Using the listing below, print exactly everything from the line with "#184 = CARTESIAN_POINT" down to the line with "#413 = DIRECTION", both included, and nothing more.

━━ Extracted material ━━

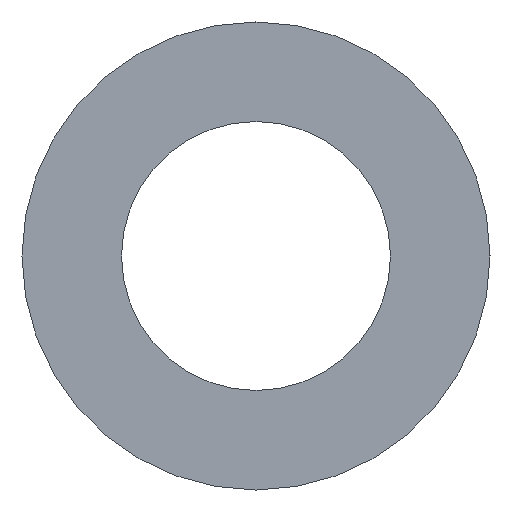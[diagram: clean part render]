
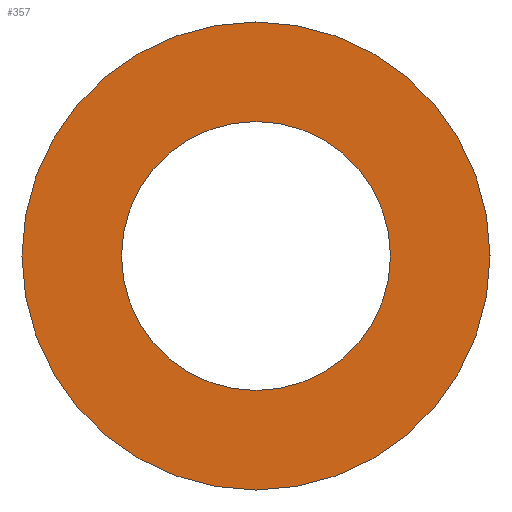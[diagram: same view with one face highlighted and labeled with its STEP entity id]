
A CAD part, left-side view. The second image highlights one B-rep face of the part: STEP entity #357.
In plain terms, the highlighted planar face has unit normal (-1, 0, 0).
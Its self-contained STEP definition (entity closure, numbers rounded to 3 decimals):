
#9 = CIRCLE ( 'NONE', #646, 2.5 ) ;
#11 = CARTESIAN_POINT ( 'NONE',  ( -12.7, 0., 0. ) ) ;
#14 = EDGE_CURVE ( 'NONE', #492, #276, #429, .T. ) ;
#56 = CARTESIAN_POINT ( 'NONE',  ( -12.7, 0., 4.35 ) ) ;
#76 = EDGE_LOOP ( 'NONE', ( #516, #641 ) ) ;
#86 = EDGE_CURVE ( 'NONE', #294, #362, #9, .T. ) ;
#112 = AXIS2_PLACEMENT_3D ( 'NONE', #135, #225, #282 ) ;
#135 = CARTESIAN_POINT ( 'NONE',  ( -12.7, 0., 0. ) ) ;
#147 = CARTESIAN_POINT ( 'NONE',  ( -12.7, 0., 0. ) ) ;
#167 = FACE_BOUND ( 'NONE', #76, .T. ) ;
#180 = DIRECTION ( 'NONE',  ( 0., 1., 0. ) ) ;
#184 = CARTESIAN_POINT ( 'NONE',  ( -12.7, 0., -4.35 ) ) ;
#200 = CARTESIAN_POINT ( 'NONE',  ( -12.7, 0., -2.5 ) ) ;
#216 = EDGE_LOOP ( 'NONE', ( #627, #242 ) ) ;
#223 = CIRCLE ( 'NONE', #534, 4.35 ) ;
#225 = DIRECTION ( 'NONE',  ( 1., 0., 0. ) ) ;
#232 = DIRECTION ( 'NONE',  ( 1., 0., 0. ) ) ;
#242 = ORIENTED_EDGE ( 'NONE', *, *, #14, .F. ) ;
#273 = EDGE_CURVE ( 'NONE', #362, #294, #614, .T. ) ;
#276 = VERTEX_POINT ( 'NONE', #184 ) ;
#282 = DIRECTION ( 'NONE',  ( 0., 0., -1. ) ) ;
#294 = VERTEX_POINT ( 'NONE', #645 ) ;
#305 = DIRECTION ( 'NONE',  ( 1., 0., 0. ) ) ;
#317 = AXIS2_PLACEMENT_3D ( 'NONE', #573, #520, #481 ) ;
#357 = ADVANCED_FACE ( 'NONE', ( #639, #167 ), #582, .T. ) ;
#362 = VERTEX_POINT ( 'NONE', #200 ) ;
#398 = AXIS2_PLACEMENT_3D ( 'NONE', #472, #404, #413 ) ;
#404 = DIRECTION ( 'NONE',  ( -1., 0., 0. ) ) ;
#413 = DIRECTION ( 'NONE',  ( 0., 0., 1. ) ) ;
#429 = CIRCLE ( 'NONE', #112, 4.35 ) ;
#472 = CARTESIAN_POINT ( 'NONE',  ( -12.7, 4.35, 0. ) ) ;
#481 = DIRECTION ( 'NONE',  ( 0., 1., 0. ) ) ;
#492 = VERTEX_POINT ( 'NONE', #56 ) ;
#516 = ORIENTED_EDGE ( 'NONE', *, *, #273, .T. ) ;
#517 = DIRECTION ( 'NONE',  ( 0., 0., -1. ) ) ;
#520 = DIRECTION ( 'NONE',  ( 1., 0., 0. ) ) ;
#527 = EDGE_CURVE ( 'NONE', #276, #492, #223, .T. ) ;
#534 = AXIS2_PLACEMENT_3D ( 'NONE', #147, #305, #517 ) ;
#573 = CARTESIAN_POINT ( 'NONE',  ( -12.7, 0., 0. ) ) ;
#582 = PLANE ( 'NONE',  #398 ) ;
#614 = CIRCLE ( 'NONE', #317, 2.5 ) ;
#627 = ORIENTED_EDGE ( 'NONE', *, *, #527, .F. ) ;
#639 = FACE_OUTER_BOUND ( 'NONE', #216, .T. ) ;
#641 = ORIENTED_EDGE ( 'NONE', *, *, #86, .T. ) ;
#645 = CARTESIAN_POINT ( 'NONE',  ( -12.7, 0., 2.5 ) ) ;
#646 = AXIS2_PLACEMENT_3D ( 'NONE', #11, #232, #180 ) ;

━━━

• Result for this exercise:
#184 = CARTESIAN_POINT ( 'NONE',  ( -12.7, 0., -4.35 ) ) ;
#200 = CARTESIAN_POINT ( 'NONE',  ( -12.7, 0., -2.5 ) ) ;
#216 = EDGE_LOOP ( 'NONE', ( #627, #242 ) ) ;
#223 = CIRCLE ( 'NONE', #534, 4.35 ) ;
#225 = DIRECTION ( 'NONE',  ( 1., 0., 0. ) ) ;
#232 = DIRECTION ( 'NONE',  ( 1., 0., 0. ) ) ;
#242 = ORIENTED_EDGE ( 'NONE', *, *, #14, .F. ) ;
#273 = EDGE_CURVE ( 'NONE', #362, #294, #614, .T. ) ;
#276 = VERTEX_POINT ( 'NONE', #184 ) ;
#282 = DIRECTION ( 'NONE',  ( 0., 0., -1. ) ) ;
#294 = VERTEX_POINT ( 'NONE', #645 ) ;
#305 = DIRECTION ( 'NONE',  ( 1., 0., 0. ) ) ;
#317 = AXIS2_PLACEMENT_3D ( 'NONE', #573, #520, #481 ) ;
#357 = ADVANCED_FACE ( 'NONE', ( #639, #167 ), #582, .T. ) ;
#362 = VERTEX_POINT ( 'NONE', #200 ) ;
#398 = AXIS2_PLACEMENT_3D ( 'NONE', #472, #404, #413 ) ;
#404 = DIRECTION ( 'NONE',  ( -1., 0., 0. ) ) ;
#413 = DIRECTION ( 'NONE',  ( 0., 0., 1. ) ) ;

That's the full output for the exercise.